APIAlert Rules

Alert Rules

Alert Rules define the conditions under which the monitoring system creates an alert incident. They are evaluated on a schedule by the APScheduler background job.

Endpoints

GET

/api/v1/alert-rules

List all alert rules for the active tenant

POST

/api/v1/alert-rules

Create a new alert rule

GET

/api/v1/alert-rules/{id}

Retrieve a specific alert rule by ID

PUT

/api/v1/alert-rules/{id}

Fully update an alert rule

PATCH

/api/v1/alert-rules/{id}

Partially update an alert rule (e.g., enable/disable)

DELETE

/api/v1/alert-rules/{id}

Delete an alert rule

GET

/api/v1/alert-rules/{id}/history

Get evaluation history for a rule

AlertRule Schema

AlertRule Model (Pydantic)

class AlertRuleCreate(BaseModel):
    name: str                       # Human-readable rule name
    description: Optional[str]      # Rule purpose description
    metric: str                     # Metric identifier (e.g., "query_runtime")
    condition: str                  # "gt" | "lt" | "gte" | "lte" | "eq"
    threshold: float                # Numeric threshold value
    evaluation_window_minutes: int  # How long condition must persist
    severity: Severity              # "critical" | "high" | "medium" | "low"
    escalation_policy_id: str       # UUID of escalation policy
    cluster_id: Optional[str]       # Scope to specific Redshift cluster
    is_enabled: bool = True         # Active flag

class Severity(str, Enum):
    CRITICAL = "critical"
    HIGH = "high"
    MEDIUM = "medium"
    LOW = "low"

Create Alert Rule

POST /api/v1/alert-rules

// Request body
{
  "name": "High Query Runtime",
  "description": "Fires when any query exceeds 10 minutes",
  "metric": "query_runtime_seconds",
  "condition": "gt",
  "threshold": 600,
  "evaluation_window_minutes": 1,
  "severity": "high",
  "escalation_policy_id": "3fa85f64-5717-4562-b3fc-2c963f66afa6",
  "cluster_id": "my-redshift-cluster",
  "is_enabled": true
}

// Response
{
  "success": true,
  "data": {
    "id": "7c9e6679-7425-40de-944b-e07fc1f90ae7",
    "name": "High Query Runtime",
    "tenant_id": "tenant-123",
    "created_at": "2024-01-15T10:30:00Z",
    "updated_at": "2024-01-15T10:30:00Z",
    ...
  }
}

Alert Rule Evaluation Logic

The APScheduler background job evaluates alert rules on a configurable interval (default: 60 seconds). The evaluation flow:

Evaluation Engine (Simplified)

async def evaluate_alert_rule(rule: AlertRule, db: AsyncSession):
    # 1. Fetch the current metric value
    metric_value = await metrics_service.get_current_value(
        metric=rule.metric,
        cluster_id=rule.cluster_id,
        window_minutes=rule.evaluation_window_minutes
    )

    # 2. Apply the threshold condition
    condition_met = compare(metric_value, rule.condition, rule.threshold)

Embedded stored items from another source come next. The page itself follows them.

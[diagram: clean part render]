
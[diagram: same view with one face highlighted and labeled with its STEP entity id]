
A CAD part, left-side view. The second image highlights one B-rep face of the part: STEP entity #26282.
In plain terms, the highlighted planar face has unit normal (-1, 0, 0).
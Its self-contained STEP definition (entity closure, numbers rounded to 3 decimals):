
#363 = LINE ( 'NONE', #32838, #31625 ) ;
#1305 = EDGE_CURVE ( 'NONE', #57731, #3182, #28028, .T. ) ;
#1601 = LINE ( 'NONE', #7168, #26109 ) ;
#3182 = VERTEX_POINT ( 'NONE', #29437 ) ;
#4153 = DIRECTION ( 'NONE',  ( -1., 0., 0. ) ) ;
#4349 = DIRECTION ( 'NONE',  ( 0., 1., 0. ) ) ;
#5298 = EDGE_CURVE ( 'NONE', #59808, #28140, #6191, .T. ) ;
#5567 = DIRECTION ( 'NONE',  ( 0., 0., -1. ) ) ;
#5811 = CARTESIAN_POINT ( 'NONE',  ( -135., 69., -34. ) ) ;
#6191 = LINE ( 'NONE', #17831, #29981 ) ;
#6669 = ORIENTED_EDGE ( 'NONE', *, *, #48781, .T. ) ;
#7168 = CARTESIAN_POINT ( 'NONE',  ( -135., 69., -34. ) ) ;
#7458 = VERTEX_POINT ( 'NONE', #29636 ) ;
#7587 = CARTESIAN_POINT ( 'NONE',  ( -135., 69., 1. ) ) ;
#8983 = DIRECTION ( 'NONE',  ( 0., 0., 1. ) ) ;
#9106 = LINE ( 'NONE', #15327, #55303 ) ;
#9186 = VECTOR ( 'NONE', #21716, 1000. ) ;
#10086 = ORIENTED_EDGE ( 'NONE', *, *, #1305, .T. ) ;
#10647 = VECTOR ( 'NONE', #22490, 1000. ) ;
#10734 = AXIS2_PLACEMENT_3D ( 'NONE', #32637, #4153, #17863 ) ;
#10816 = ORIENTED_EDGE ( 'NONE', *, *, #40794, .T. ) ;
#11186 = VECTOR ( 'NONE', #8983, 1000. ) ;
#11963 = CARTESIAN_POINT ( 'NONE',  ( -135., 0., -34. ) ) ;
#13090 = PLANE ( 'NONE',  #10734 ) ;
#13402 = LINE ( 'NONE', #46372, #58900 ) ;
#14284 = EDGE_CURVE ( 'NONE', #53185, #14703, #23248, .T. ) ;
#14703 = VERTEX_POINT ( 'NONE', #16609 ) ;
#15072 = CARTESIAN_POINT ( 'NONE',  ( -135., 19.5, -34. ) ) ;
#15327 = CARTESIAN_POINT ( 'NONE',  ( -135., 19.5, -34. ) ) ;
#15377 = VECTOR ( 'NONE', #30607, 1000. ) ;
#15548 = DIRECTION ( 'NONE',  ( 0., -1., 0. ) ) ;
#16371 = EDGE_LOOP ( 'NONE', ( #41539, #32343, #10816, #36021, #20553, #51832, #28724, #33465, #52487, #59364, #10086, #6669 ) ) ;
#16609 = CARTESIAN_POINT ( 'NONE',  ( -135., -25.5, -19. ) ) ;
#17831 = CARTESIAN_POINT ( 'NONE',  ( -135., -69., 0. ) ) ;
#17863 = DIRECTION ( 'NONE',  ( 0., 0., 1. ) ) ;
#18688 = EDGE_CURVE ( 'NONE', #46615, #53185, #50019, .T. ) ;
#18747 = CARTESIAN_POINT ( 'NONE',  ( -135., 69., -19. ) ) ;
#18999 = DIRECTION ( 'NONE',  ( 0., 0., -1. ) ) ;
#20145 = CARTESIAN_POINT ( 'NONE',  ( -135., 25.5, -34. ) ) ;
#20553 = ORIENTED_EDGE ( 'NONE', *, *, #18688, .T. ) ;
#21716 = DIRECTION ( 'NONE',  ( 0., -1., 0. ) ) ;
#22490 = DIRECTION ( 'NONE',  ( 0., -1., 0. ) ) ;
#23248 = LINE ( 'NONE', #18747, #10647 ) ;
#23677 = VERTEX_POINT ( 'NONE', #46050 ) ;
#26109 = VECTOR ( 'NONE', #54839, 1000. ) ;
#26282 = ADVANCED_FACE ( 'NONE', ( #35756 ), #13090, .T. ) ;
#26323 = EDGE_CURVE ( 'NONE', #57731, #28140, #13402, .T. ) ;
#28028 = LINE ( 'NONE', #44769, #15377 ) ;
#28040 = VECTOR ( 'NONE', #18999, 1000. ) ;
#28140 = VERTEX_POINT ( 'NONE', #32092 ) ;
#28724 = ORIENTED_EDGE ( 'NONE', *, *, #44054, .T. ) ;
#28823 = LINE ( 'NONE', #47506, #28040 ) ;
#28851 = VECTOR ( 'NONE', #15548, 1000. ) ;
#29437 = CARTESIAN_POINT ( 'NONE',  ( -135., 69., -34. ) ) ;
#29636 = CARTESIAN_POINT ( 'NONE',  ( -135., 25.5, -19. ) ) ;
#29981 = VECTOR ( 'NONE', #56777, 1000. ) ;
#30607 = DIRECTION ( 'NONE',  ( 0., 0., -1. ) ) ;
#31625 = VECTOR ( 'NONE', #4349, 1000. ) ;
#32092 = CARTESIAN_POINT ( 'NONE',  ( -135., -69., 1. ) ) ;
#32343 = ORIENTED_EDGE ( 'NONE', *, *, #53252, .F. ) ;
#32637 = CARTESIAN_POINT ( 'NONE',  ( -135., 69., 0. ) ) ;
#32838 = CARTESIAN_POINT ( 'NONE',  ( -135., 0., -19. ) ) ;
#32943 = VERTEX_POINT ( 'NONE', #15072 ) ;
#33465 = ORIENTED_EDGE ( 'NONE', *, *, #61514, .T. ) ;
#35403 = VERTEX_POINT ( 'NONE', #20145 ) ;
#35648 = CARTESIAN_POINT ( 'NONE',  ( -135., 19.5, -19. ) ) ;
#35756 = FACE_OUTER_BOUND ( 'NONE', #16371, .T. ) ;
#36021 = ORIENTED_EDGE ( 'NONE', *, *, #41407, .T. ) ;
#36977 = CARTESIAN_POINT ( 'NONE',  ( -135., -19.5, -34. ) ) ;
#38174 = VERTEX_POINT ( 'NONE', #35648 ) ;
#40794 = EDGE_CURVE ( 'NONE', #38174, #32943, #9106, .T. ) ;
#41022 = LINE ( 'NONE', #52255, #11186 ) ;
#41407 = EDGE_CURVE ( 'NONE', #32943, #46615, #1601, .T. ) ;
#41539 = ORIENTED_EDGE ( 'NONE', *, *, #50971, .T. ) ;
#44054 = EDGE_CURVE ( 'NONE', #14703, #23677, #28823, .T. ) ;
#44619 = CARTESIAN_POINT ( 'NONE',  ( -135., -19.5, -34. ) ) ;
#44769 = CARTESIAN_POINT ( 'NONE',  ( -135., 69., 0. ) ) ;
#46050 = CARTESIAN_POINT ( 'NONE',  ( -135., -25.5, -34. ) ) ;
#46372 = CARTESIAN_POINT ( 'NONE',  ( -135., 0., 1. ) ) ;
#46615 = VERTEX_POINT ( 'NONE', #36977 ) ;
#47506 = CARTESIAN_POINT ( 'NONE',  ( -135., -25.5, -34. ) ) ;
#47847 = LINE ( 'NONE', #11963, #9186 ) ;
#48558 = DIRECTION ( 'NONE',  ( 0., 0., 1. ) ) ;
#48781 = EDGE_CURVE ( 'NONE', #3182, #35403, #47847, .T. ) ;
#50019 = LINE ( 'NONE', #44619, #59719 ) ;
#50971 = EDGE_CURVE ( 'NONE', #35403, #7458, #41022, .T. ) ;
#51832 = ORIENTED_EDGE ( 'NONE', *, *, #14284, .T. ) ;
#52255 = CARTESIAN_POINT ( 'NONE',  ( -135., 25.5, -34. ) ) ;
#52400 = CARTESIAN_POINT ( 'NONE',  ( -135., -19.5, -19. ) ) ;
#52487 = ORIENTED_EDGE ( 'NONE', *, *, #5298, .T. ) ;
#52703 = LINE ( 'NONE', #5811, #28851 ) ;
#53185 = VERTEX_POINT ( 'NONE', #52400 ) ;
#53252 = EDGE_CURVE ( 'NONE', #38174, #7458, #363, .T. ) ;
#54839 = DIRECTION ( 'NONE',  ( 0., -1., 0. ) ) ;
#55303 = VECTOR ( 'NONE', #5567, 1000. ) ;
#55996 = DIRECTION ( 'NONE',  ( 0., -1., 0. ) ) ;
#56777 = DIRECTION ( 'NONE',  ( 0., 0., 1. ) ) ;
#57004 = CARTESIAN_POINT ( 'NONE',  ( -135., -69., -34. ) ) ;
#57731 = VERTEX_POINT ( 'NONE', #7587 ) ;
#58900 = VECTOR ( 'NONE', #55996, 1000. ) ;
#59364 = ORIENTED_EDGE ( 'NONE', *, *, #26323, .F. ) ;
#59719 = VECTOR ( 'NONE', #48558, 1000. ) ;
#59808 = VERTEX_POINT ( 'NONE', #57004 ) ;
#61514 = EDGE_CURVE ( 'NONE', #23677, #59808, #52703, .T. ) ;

    # 3. Check if already triggered (avoid duplicate incidents)
    existing_incident = await incident_repo.get_active(rule.id, db)

    if condition_met and not existing_incident:
        # 4. Create new incident
        incident = await incident_repo.create(AlertIncident(
            rule_id=rule.id,
            current_value=metric_value,
            severity=rule.severity,
            status="triggered"
        ), db)
        # 5. Trigger escalation policy
        await escalation_service.start_escalation(
            rule.escalation_policy_id,
            incident.id
        )

    elif not condition_met and existing_incident:
        # 6. Auto-resolve if condition clears
        await incident_repo.resolve(existing_incident.id, db)

Supported Metrics

Metric ID	Description	Unit
query_runtime_seconds	Maximum query runtime in evaluation window	seconds
disk_spill_gb	Total disk spill in evaluation window	GB
queue_time_seconds	WLM queue wait time	seconds
storage_utilization_pct	Node storage used percentage	%
unsorted_pct	Percentage of unsorted rows across tables	%
active_query_count	Number of currently executing queries	count
cpu_utilization_pct	Cluster CPU utilization	%

Custom Metrics

The metric system is extensible. Additional metrics can be registered in the metrics_registry.py service by implementing theMetricProvider protocol.